→ **Instructions for the task**:
Collect every line below that contains the word "Build".

→ **Dataset extract**:

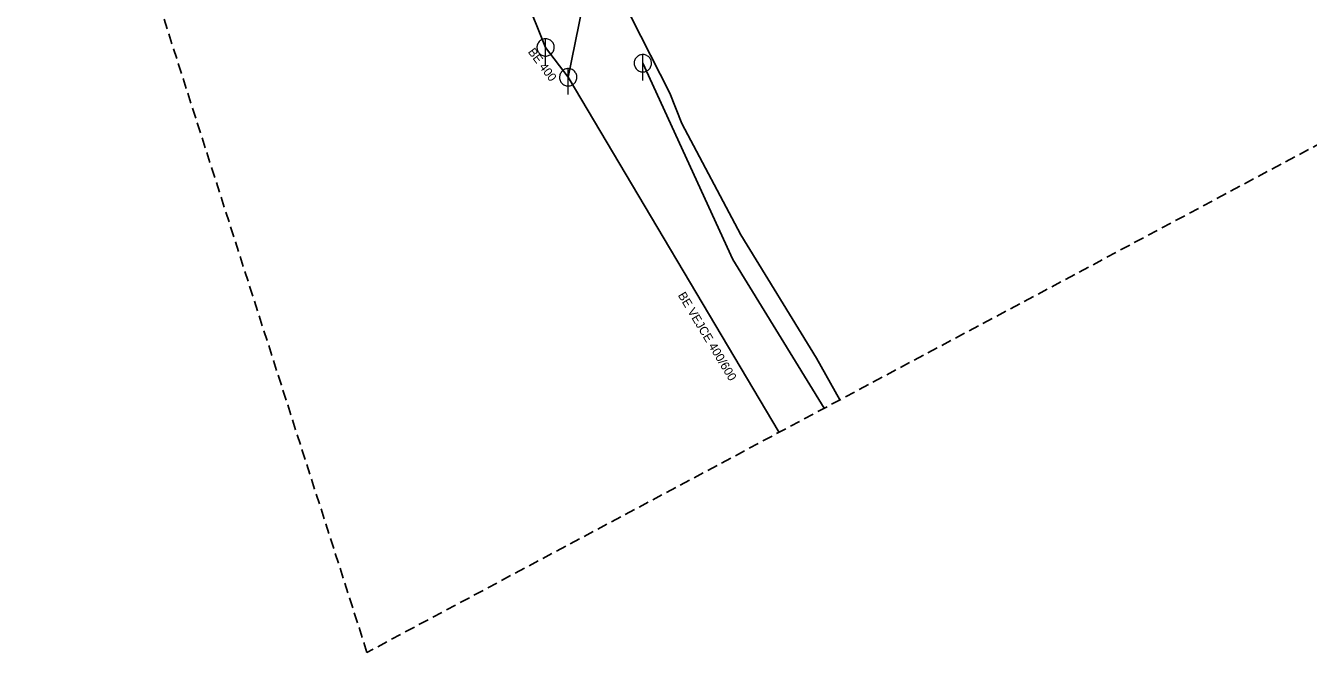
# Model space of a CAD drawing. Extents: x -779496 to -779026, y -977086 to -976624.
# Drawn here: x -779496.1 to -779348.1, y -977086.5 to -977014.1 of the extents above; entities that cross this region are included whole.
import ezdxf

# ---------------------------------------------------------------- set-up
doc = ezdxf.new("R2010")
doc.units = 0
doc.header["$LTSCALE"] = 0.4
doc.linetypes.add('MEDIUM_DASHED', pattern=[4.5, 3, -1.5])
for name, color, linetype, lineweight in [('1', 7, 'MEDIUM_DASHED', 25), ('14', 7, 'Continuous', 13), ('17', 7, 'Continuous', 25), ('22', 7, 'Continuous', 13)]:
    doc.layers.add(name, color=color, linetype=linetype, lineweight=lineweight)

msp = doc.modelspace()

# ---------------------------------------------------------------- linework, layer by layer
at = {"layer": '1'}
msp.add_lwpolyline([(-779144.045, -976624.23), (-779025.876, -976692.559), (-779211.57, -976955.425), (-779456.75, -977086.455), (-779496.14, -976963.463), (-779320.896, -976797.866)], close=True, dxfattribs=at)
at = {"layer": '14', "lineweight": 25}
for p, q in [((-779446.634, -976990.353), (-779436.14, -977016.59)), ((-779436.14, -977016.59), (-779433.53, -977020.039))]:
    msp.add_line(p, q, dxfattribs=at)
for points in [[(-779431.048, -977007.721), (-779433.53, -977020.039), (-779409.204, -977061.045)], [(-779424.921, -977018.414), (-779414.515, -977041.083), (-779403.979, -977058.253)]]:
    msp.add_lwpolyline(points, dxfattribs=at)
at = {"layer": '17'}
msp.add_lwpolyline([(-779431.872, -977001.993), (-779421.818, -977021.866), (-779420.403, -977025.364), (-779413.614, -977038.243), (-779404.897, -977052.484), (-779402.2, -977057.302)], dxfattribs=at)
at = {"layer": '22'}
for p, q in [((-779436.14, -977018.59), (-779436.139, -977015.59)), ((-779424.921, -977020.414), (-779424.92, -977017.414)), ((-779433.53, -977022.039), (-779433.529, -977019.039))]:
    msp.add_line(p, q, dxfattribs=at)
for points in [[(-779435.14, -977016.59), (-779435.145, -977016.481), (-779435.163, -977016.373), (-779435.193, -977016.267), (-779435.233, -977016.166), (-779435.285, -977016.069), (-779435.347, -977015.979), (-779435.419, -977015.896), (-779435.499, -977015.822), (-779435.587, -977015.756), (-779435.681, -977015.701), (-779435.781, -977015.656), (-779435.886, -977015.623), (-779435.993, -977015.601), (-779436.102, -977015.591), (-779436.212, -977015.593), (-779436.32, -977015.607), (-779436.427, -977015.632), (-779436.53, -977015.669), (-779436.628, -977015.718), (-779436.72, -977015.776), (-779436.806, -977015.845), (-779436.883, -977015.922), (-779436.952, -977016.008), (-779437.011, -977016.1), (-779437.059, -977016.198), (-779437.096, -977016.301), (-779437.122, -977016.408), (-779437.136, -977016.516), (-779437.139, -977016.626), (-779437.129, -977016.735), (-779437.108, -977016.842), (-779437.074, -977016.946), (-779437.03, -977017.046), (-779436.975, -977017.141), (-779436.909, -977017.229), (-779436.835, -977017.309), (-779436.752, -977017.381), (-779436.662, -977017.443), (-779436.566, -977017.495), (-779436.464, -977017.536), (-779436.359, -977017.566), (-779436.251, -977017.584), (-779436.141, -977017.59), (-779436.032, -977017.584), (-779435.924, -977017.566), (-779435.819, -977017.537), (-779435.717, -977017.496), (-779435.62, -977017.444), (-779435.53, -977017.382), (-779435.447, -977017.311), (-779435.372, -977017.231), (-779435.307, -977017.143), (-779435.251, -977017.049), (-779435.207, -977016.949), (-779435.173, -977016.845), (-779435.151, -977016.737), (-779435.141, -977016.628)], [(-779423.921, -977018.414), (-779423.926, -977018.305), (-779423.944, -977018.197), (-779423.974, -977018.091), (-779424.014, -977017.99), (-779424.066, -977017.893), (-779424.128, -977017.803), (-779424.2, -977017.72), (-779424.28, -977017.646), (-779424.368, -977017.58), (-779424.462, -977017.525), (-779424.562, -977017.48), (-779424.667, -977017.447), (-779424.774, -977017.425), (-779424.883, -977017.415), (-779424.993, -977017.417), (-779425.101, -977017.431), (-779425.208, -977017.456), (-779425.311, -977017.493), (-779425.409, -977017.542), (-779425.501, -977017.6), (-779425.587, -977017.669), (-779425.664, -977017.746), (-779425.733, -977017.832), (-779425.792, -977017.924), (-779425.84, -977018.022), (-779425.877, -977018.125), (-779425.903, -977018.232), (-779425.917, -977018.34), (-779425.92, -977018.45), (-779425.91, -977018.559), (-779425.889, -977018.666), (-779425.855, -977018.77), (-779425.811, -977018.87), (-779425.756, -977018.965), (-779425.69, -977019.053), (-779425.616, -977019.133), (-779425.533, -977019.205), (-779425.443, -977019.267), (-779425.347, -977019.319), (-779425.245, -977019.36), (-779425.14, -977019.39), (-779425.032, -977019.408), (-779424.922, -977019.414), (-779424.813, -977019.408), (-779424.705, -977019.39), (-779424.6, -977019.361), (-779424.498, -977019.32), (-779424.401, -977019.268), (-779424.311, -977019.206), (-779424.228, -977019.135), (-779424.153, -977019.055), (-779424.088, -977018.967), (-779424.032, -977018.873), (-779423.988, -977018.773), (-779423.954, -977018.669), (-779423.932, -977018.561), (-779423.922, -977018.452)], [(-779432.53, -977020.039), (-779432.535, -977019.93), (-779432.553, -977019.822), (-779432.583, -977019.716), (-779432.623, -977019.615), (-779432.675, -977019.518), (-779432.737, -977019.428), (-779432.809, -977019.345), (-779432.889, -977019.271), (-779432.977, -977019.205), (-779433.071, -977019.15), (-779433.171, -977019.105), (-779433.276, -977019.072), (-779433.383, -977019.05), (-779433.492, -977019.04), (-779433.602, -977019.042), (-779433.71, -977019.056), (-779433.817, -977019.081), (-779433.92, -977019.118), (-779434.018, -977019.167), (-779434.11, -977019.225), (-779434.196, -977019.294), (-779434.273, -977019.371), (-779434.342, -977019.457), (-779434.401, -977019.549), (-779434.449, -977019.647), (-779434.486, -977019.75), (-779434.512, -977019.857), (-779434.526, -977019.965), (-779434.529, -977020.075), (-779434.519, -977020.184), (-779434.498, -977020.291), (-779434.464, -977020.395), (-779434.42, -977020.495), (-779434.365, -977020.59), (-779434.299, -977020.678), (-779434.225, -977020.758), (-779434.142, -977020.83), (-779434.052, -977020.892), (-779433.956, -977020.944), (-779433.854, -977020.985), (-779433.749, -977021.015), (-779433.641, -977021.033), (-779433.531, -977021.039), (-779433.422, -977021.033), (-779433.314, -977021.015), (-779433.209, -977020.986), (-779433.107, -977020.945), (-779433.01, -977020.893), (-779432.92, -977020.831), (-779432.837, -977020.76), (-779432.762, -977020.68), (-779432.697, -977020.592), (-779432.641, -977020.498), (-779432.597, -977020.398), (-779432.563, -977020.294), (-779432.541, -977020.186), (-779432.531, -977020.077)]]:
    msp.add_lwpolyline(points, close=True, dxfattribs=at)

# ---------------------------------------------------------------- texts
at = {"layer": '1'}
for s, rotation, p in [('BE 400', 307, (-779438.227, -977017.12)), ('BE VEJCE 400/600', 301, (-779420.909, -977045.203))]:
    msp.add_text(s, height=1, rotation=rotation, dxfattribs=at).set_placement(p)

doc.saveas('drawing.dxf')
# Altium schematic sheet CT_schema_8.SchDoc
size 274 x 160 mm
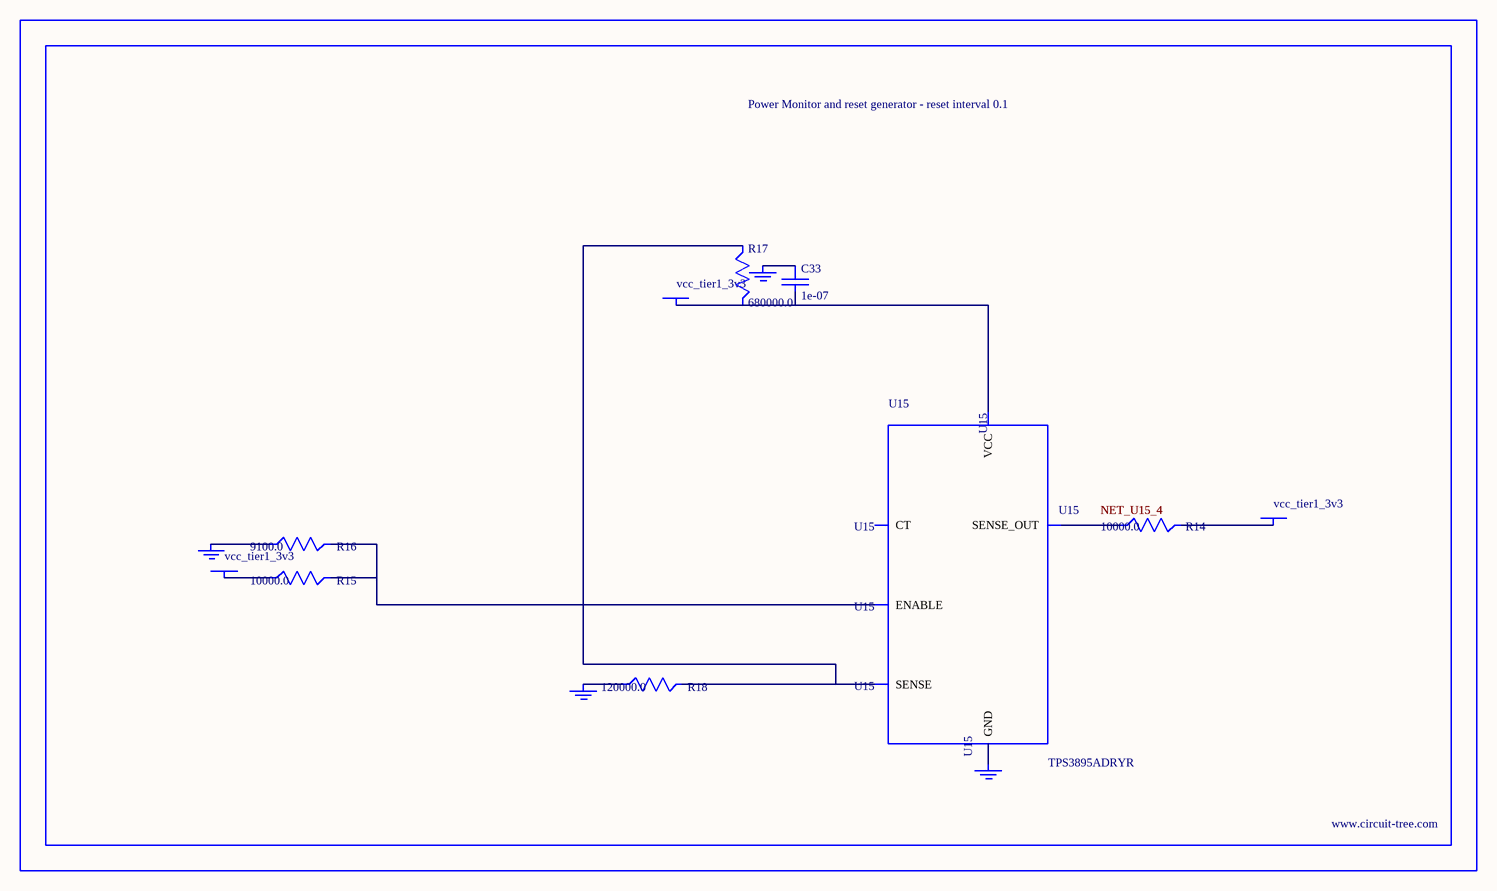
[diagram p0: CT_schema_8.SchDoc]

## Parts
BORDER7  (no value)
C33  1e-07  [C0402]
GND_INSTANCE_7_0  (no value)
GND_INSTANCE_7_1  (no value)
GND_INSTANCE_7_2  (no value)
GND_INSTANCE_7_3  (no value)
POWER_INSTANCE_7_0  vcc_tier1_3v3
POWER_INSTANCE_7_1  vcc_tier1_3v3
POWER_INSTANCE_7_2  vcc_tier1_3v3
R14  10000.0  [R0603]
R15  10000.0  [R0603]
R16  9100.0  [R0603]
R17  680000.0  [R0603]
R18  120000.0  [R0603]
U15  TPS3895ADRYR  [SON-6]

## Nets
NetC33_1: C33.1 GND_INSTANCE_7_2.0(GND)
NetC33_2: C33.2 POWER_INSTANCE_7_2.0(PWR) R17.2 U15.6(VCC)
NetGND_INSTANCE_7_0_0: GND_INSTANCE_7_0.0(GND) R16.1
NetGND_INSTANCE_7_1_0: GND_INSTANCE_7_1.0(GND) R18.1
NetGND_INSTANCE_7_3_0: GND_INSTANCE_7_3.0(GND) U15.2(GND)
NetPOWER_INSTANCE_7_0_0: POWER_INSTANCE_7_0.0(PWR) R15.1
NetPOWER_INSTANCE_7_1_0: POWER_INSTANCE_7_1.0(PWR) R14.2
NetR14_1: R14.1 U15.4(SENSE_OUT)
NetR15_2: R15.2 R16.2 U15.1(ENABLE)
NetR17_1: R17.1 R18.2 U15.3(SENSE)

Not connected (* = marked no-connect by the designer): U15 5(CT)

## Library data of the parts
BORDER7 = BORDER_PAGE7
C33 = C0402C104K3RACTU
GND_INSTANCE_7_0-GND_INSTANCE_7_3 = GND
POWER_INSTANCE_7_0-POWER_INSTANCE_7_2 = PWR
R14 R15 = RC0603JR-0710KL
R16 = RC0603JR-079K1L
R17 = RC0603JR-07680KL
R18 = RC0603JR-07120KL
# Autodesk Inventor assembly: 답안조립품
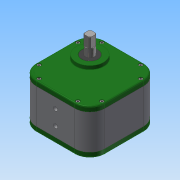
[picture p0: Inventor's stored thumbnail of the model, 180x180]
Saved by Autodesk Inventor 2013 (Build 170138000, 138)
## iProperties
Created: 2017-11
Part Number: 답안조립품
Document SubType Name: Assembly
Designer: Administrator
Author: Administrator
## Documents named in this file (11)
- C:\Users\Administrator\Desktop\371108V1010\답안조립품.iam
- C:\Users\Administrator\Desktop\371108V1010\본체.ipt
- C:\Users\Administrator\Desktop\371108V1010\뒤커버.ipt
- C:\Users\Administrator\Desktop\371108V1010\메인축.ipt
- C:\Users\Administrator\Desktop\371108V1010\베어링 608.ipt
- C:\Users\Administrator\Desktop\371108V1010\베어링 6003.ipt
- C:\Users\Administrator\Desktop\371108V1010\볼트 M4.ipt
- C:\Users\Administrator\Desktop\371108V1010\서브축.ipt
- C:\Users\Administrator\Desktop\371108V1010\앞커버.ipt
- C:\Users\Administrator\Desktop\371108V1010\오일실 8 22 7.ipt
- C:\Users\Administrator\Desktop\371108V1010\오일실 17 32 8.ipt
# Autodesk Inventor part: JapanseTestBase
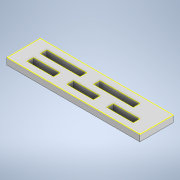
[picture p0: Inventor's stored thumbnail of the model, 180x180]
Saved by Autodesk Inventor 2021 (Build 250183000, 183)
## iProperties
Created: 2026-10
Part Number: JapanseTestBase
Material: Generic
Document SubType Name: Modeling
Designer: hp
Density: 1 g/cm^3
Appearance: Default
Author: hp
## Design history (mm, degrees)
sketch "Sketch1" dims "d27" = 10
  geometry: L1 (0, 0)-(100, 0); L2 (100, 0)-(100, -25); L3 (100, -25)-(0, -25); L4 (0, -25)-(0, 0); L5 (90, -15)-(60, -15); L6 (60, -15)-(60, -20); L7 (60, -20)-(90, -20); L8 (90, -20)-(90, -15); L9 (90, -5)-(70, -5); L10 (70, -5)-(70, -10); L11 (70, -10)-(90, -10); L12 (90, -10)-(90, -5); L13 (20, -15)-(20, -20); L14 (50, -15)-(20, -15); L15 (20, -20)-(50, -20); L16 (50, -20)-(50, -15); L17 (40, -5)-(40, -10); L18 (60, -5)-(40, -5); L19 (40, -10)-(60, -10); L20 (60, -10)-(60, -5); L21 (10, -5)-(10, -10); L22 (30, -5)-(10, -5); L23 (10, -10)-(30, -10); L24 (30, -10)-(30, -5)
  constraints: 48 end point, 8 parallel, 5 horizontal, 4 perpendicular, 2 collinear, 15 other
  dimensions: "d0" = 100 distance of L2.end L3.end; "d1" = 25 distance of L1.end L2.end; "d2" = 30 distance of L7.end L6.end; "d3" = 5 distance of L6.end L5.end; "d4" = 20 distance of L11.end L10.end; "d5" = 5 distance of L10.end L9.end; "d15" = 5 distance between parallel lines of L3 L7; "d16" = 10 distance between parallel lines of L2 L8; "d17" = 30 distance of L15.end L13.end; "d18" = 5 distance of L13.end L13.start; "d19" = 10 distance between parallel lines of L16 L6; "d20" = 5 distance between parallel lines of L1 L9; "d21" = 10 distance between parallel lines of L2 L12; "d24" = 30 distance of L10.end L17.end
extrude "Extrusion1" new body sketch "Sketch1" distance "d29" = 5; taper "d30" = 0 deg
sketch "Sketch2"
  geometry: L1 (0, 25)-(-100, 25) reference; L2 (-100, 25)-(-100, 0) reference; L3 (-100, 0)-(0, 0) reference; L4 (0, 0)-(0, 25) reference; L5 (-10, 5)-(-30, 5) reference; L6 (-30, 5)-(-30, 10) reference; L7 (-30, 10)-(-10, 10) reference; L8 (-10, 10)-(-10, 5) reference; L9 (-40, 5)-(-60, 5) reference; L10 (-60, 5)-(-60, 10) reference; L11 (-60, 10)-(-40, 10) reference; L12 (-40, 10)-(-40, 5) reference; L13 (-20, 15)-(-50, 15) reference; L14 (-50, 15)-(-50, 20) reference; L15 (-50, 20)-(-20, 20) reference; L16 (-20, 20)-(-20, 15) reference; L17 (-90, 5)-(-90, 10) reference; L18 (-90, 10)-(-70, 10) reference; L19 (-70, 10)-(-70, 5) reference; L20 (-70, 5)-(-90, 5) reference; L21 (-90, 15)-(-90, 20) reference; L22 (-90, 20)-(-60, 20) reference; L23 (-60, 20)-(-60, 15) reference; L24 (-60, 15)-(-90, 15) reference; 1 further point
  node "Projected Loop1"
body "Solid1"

→ **Output below**:
Saved by Autodesk Inventor 2013 (Build 170138000, 138)
Saved by Autodesk Inventor 2021 (Build 250183000, 183)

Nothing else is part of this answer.